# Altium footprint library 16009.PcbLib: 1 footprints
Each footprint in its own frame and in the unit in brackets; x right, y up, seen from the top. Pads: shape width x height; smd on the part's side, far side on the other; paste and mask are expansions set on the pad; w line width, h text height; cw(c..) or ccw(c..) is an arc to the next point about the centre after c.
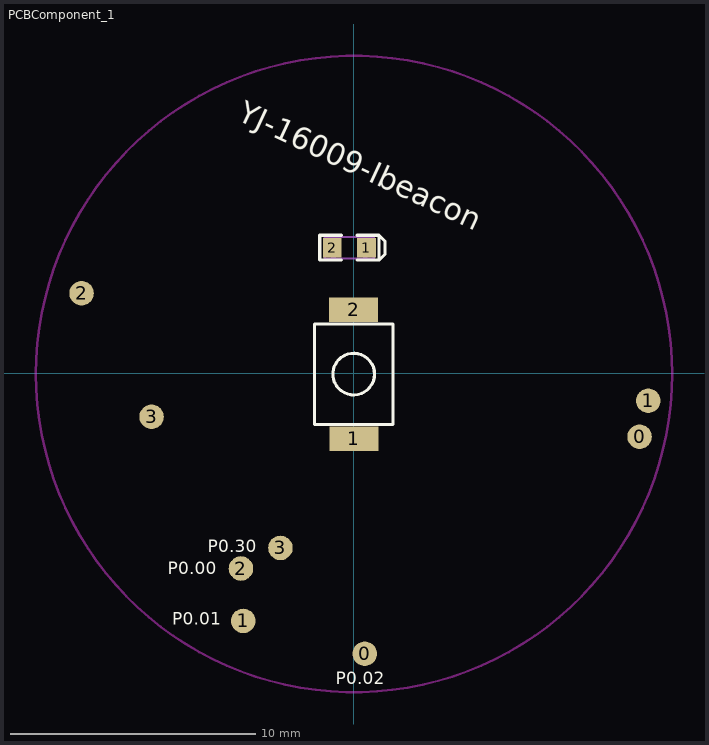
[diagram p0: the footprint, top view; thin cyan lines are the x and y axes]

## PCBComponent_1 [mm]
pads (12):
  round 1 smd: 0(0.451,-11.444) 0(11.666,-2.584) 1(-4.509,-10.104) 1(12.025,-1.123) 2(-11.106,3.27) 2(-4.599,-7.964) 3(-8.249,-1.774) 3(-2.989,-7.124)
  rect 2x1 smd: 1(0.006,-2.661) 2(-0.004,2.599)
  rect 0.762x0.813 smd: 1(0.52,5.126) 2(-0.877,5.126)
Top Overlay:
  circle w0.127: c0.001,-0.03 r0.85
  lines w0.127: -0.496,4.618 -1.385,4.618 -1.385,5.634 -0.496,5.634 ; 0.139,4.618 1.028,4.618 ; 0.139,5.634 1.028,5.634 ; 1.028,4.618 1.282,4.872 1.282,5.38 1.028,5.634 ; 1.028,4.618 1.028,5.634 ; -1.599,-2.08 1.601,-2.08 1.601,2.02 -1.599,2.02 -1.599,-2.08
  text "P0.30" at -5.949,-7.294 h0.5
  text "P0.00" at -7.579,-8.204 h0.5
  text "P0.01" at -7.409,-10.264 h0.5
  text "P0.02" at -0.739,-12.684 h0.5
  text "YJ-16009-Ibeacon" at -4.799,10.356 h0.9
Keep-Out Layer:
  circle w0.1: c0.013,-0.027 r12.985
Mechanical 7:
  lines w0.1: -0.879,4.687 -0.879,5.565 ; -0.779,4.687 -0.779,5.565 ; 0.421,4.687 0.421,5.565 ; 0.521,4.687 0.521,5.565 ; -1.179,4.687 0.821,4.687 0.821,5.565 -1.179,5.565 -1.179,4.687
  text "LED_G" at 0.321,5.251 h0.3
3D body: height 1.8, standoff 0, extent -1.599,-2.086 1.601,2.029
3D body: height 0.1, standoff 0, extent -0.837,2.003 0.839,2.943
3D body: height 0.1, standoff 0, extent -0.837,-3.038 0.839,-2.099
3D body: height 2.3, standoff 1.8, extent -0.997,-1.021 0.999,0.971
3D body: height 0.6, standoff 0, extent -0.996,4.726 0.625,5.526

◆ Task objective:
Write every entry again exactly as given, skipping the pictures.

◆ Result:
# Altium footprint library 16009.PcbLib: 1 footprints
Each footprint in its own frame and in the unit in brackets; x right, y up, seen from the top. Pads: shape width x height; smd on the part's side, far side on the other; paste and mask are expansions set on the pad; w line width, h text height; cw(c..) or ccw(c..) is an arc to the next point about the centre after c.
[diagram p0: the footprint, top view; thin cyan lines are the x and y axes]

## PCBComponent_1 [mm]
pads (12):
  round 1 smd: 0(0.451,-11.444) 0(11.666,-2.584) 1(-4.509,-10.104) 1(12.025,-1.123) 2(-11.106,3.27) 2(-4.599,-7.964) 3(-8.249,-1.774) 3(-2.989,-7.124)
  rect 2x1 smd: 1(0.006,-2.661) 2(-0.004,2.599)
  rect 0.762x0.813 smd: 1(0.52,5.126) 2(-0.877,5.126)
Top Overlay:
  circle w0.127: c0.001,-0.03 r0.85
  lines w0.127: -0.496,4.618 -1.385,4.618 -1.385,5.634 -0.496,5.634 ; 0.139,4.618 1.028,4.618 ; 0.139,5.634 1.028,5.634 ; 1.028,4.618 1.282,4.872 1.282,5.38 1.028,5.634 ; 1.028,4.618 1.028,5.634 ; -1.599,-2.08 1.601,-2.08 1.601,2.02 -1.599,2.02 -1.599,-2.08
  text "P0.30" at -5.949,-7.294 h0.5
  text "P0.00" at -7.579,-8.204 h0.5
  text "P0.01" at -7.409,-10.264 h0.5
  text "P0.02" at -0.739,-12.684 h0.5
  text "YJ-16009-Ibeacon" at -4.799,10.356 h0.9
Keep-Out Layer:
  circle w0.1: c0.013,-0.027 r12.985
Mechanical 7:
  lines w0.1: -0.879,4.687 -0.879,5.565 ; -0.779,4.687 -0.779,5.565 ; 0.421,4.687 0.421,5.565 ; 0.521,4.687 0.521,5.565 ; -1.179,4.687 0.821,4.687 0.821,5.565 -1.179,5.565 -1.179,4.687
  text "LED_G" at 0.321,5.251 h0.3
3D body: height 1.8, standoff 0, extent -1.599,-2.086 1.601,2.029
3D body: height 0.1, standoff 0, extent -0.837,2.003 0.839,2.943
3D body: height 0.1, standoff 0, extent -0.837,-3.038 0.839,-2.099
3D body: height 2.3, standoff 1.8, extent -0.997,-1.021 0.999,0.971
3D body: height 0.6, standoff 0, extent -0.996,4.726 0.625,5.526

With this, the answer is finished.